We illustrate this using the graph obtained above.

taxa.roles <- module.roles(co_occur$net$graph)
head(taxa.roles)

                                        z         p          roles
Dietzia                        -0.9114654 0.0000000 provincial hub
Streptomyces                   -0.9114654 0.0000000 provincial hub
Brumimicrobium                 -0.9114654 0.0000000 provincial hub
Nitrosomonas                    0.6076436 0.0000000 provincial hub
Sphingobacterium                0.6076436 0.0000000 provincial hub
unclassified_Flavobacteriaceae -0.1519109 0.4444444  connector hub

To produce a visualisation of the results, use function plot_roles which takes a result of module.roles.

p <- plot_roles(taxa.roles)

print(p)
Correlations between subcommunities and environmental variables

To explore how the sub communities respond to environmental traits, we consider the correlation betweeen the taxa with maximum betweenness within a sub community and the enviromental variables. This is chosen because it is a good representation of the subcommunity. This is implemented in accordance to [@mod_env_cor] where correlations between module-based eigengenes and environmental factors are used to detect the modules’ response to environmental change.

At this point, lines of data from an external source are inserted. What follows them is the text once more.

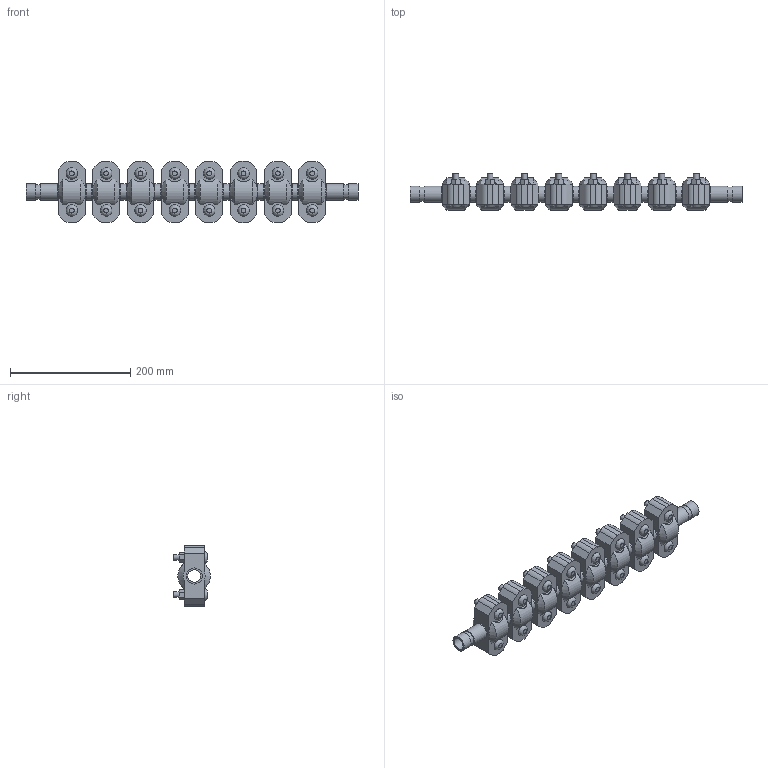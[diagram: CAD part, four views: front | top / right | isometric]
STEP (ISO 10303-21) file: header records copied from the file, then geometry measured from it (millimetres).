
FILE_DESCRIPTION(/* description */ ('VIC EXPANSION JOINT 8 COUPLINGS COMPRESSED STYLE 155 (OGS)','CAx-IF Rec.Pracs.---Representation and Presentation of Product Manufacturing Information (PMI)---4.0---2014-10-13'),/* implementation_level */ '2;1');
FILE_NAME(/* name */ 'C:\Users\kkamble\AppData\Roaming\Autodesk\ApplicationPlugins\Victaulic.Temp\A709\Victaulic_IPS_Expansion Joint_Compressed_8 Couplings_Style 155 (OGS)_0.75 (20).stp',/* time_stamp */ '2021-06-27T00:35:33+02:00',/* author */ ('kkamble'),/* organization */ ('Victaulic'),/* preprocessor_version */ 'ST-DEVELOPER v17.2',/* originating_system */ 'Autodesk Inventor 2019',/* authorisation */ '');
FILE_SCHEMA (('AP242_MANAGED_MODEL_BASED_3D_ENGINEERING_MIM_LF { 1 0 10303 442 1 1 4 }'));
Length unit declared in the file: inch
Products named in the file (4): 155-0.75; Nipple-0.75; Nipple-0.75_1; 077-0.75
Assembly tree (17 placements, depth 2):
  155-0.75
    Nipple-0.75  x2
    Nipple-0.75_1  x7
    077-0.75  x8
Bounding box: 552.45 x 61.1 x 101.6 mm (x, y, z)
Volume: 1229015.3 mm3; surface area: 306318.1 mm2
Topology: 17 solids, 33 shells, 564 faces, 1382 edges, 968 vertices
Faces by surface type: plane 326, cylinder 190, cone 32, bspline 16
Full cylindrical faces by diameter (mm): 9.525 x32, 11.43 x16, 20.93 x9, 23.825 x18, 26.67 x35
Entity records: 2955 total; most frequent: CARTESIAN_POINT 579, DIRECTION 479, ORIENTED_EDGE 398, EDGE_CURVE 199, AXIS2_PLACEMENT_3D 192, VERTEX_POINT 142, EDGE_LOOP 105, LINE 95

The function to perform this takes a result from co-occurence network. Other arguments include: select.variables, method,padjust.method, adjustment as they are available to function env_taxa_correlation (see this function for explanation of arguments). It returns a data frame with correlations between each sub community (module) and environmental variables for all conditions. The example below illustrates this by using the co occurence network obtained above.

mod.env.cor <- module_env_correlation(co_occur)

A visualisation is produced using the function plot_tax_env as illustrated below. Significant correlations are annotated with significant labels.

p <- plot_taxa_env(mod.env.cor)
print(p)

The plot shows correlation between module number (indicated by #number) and environmental traits.